Collected data
===
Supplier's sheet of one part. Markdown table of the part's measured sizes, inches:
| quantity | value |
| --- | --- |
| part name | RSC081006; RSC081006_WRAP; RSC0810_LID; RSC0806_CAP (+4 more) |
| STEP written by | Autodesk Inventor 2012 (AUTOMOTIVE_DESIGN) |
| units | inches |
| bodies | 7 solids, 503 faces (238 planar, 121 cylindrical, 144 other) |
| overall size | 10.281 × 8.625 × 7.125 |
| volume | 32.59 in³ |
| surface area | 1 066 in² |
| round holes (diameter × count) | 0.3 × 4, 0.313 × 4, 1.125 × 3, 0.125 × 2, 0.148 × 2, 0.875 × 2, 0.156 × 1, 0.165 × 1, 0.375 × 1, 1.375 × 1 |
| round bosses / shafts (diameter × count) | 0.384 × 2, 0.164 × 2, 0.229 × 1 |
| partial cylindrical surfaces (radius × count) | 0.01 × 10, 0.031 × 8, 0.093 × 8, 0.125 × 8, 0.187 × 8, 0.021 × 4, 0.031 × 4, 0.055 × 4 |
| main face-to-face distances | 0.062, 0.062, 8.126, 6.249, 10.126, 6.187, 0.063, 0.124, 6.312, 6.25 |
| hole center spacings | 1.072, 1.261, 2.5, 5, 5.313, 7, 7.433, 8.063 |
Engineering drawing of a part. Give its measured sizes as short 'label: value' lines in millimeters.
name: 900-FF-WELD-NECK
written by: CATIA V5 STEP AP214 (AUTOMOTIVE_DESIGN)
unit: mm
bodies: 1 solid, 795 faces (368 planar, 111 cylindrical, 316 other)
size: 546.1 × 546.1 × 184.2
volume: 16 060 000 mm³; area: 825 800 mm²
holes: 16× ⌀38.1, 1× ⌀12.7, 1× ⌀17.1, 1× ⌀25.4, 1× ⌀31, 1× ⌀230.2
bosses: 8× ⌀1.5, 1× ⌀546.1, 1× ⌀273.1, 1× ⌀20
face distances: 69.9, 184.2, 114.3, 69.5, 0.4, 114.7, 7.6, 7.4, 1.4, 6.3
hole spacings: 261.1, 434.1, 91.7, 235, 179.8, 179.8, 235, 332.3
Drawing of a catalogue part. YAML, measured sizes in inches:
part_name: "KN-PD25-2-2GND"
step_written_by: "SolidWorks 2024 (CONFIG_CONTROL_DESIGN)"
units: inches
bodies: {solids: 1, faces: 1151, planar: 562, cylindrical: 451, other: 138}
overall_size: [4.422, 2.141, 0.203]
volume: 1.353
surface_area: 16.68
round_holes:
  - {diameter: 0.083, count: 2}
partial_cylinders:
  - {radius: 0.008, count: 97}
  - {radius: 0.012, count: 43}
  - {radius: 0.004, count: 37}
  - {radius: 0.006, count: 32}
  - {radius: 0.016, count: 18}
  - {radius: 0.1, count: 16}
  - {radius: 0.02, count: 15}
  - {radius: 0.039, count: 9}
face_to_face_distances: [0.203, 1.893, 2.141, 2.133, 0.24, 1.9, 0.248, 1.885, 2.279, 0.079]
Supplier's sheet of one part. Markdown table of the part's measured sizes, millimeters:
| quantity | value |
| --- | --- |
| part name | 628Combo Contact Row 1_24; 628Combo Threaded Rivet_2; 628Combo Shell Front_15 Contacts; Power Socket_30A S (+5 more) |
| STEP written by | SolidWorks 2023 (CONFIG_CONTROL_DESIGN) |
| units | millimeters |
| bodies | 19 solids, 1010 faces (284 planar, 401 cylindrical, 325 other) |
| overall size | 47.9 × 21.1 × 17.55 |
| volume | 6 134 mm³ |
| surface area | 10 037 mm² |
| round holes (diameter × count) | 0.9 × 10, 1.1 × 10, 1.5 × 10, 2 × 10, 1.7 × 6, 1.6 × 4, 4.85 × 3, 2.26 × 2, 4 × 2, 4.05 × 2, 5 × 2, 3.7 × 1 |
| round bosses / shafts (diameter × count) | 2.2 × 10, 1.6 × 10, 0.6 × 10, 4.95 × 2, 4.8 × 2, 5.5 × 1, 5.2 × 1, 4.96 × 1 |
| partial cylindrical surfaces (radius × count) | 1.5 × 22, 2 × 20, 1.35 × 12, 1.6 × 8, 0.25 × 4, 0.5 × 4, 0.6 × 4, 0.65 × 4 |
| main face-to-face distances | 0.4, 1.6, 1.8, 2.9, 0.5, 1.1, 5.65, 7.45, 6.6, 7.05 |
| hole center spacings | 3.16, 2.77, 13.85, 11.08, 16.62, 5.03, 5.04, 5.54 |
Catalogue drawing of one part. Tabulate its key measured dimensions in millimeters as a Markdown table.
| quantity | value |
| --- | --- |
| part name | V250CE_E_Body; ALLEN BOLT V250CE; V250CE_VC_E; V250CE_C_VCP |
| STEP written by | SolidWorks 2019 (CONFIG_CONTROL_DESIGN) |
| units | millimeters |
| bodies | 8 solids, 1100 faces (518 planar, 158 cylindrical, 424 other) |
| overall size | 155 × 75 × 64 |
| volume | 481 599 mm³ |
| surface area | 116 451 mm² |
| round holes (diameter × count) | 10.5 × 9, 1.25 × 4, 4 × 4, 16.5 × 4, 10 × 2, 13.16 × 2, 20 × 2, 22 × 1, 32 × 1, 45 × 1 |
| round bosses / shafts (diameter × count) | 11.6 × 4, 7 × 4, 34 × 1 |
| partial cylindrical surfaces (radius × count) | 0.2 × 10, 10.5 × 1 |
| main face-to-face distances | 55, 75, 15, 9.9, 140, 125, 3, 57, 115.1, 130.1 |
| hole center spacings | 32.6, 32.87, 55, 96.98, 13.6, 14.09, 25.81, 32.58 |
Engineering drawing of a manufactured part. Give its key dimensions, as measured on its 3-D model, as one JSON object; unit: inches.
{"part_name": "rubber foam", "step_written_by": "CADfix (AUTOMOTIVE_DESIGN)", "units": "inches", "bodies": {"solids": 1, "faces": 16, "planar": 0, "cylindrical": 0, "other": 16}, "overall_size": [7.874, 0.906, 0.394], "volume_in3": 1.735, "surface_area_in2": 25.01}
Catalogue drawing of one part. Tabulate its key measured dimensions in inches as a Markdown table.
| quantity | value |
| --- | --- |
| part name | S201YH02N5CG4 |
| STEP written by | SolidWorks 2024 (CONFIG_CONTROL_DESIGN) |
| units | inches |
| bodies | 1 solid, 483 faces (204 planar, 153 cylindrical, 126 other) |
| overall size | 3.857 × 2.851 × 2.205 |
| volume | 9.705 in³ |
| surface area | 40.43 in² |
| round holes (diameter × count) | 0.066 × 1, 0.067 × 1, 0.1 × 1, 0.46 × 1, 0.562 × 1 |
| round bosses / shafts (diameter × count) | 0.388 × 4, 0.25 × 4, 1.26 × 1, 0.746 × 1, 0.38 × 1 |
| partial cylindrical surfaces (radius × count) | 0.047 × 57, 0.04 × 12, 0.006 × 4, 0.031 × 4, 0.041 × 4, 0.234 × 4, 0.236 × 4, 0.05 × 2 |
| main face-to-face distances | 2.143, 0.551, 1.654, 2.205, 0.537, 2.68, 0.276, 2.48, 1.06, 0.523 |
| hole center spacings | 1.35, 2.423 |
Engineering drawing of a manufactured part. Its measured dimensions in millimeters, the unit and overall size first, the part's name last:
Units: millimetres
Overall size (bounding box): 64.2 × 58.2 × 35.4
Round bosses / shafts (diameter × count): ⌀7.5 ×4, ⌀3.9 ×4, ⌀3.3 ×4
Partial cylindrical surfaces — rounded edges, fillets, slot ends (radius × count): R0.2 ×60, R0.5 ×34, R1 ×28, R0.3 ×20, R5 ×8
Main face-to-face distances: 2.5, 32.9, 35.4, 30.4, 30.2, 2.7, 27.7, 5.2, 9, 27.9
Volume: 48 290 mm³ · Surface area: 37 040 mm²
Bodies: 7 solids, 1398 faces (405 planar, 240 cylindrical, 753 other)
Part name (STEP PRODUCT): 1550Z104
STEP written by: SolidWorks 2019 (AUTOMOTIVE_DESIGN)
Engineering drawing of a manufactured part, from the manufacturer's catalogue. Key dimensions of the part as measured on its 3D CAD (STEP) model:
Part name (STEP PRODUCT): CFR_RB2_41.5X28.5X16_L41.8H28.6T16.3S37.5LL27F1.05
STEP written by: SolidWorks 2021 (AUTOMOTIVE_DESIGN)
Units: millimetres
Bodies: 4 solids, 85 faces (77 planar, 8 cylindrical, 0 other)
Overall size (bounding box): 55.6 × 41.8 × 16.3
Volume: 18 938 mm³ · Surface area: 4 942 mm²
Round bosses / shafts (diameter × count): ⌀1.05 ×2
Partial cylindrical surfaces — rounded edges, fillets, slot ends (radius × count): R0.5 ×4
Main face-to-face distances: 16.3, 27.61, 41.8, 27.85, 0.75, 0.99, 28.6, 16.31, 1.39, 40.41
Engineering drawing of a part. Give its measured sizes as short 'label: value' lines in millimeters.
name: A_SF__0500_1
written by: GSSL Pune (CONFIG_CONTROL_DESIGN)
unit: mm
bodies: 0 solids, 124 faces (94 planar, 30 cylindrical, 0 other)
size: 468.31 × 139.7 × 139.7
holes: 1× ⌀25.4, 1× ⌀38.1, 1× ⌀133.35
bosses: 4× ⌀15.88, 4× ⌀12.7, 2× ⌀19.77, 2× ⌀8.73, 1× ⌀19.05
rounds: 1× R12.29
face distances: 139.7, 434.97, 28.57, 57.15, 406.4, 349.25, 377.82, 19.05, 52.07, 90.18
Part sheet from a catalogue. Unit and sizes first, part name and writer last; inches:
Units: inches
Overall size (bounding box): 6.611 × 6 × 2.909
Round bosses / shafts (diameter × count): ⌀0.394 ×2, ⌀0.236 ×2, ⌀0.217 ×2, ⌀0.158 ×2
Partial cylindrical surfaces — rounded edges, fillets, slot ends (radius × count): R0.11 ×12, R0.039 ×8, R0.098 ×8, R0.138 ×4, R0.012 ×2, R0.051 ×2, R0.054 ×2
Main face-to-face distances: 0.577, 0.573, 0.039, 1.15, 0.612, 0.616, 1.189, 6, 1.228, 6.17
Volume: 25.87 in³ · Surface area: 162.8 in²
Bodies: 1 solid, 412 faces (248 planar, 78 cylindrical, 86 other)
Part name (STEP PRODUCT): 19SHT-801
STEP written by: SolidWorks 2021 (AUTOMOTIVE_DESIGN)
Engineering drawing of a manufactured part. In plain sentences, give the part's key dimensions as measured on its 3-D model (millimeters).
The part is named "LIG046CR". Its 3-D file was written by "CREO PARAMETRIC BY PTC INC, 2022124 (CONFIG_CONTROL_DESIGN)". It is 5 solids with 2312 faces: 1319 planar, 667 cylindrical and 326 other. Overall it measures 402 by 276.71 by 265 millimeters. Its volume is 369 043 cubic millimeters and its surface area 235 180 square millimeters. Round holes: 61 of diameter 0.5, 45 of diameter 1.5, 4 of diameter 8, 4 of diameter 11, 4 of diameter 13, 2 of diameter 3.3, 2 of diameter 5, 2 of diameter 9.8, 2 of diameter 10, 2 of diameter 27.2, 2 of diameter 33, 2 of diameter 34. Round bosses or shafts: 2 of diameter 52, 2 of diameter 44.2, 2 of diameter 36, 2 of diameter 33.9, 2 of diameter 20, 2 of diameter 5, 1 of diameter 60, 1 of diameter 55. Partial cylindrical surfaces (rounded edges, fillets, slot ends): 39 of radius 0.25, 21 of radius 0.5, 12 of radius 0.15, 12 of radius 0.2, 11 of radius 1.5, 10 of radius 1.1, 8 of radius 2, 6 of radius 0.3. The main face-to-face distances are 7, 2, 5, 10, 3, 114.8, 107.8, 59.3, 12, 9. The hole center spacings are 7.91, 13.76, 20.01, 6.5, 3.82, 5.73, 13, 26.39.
===
Action item: Reply with nothing but the number of lines in the data that include the word "dimensions".

Result: 6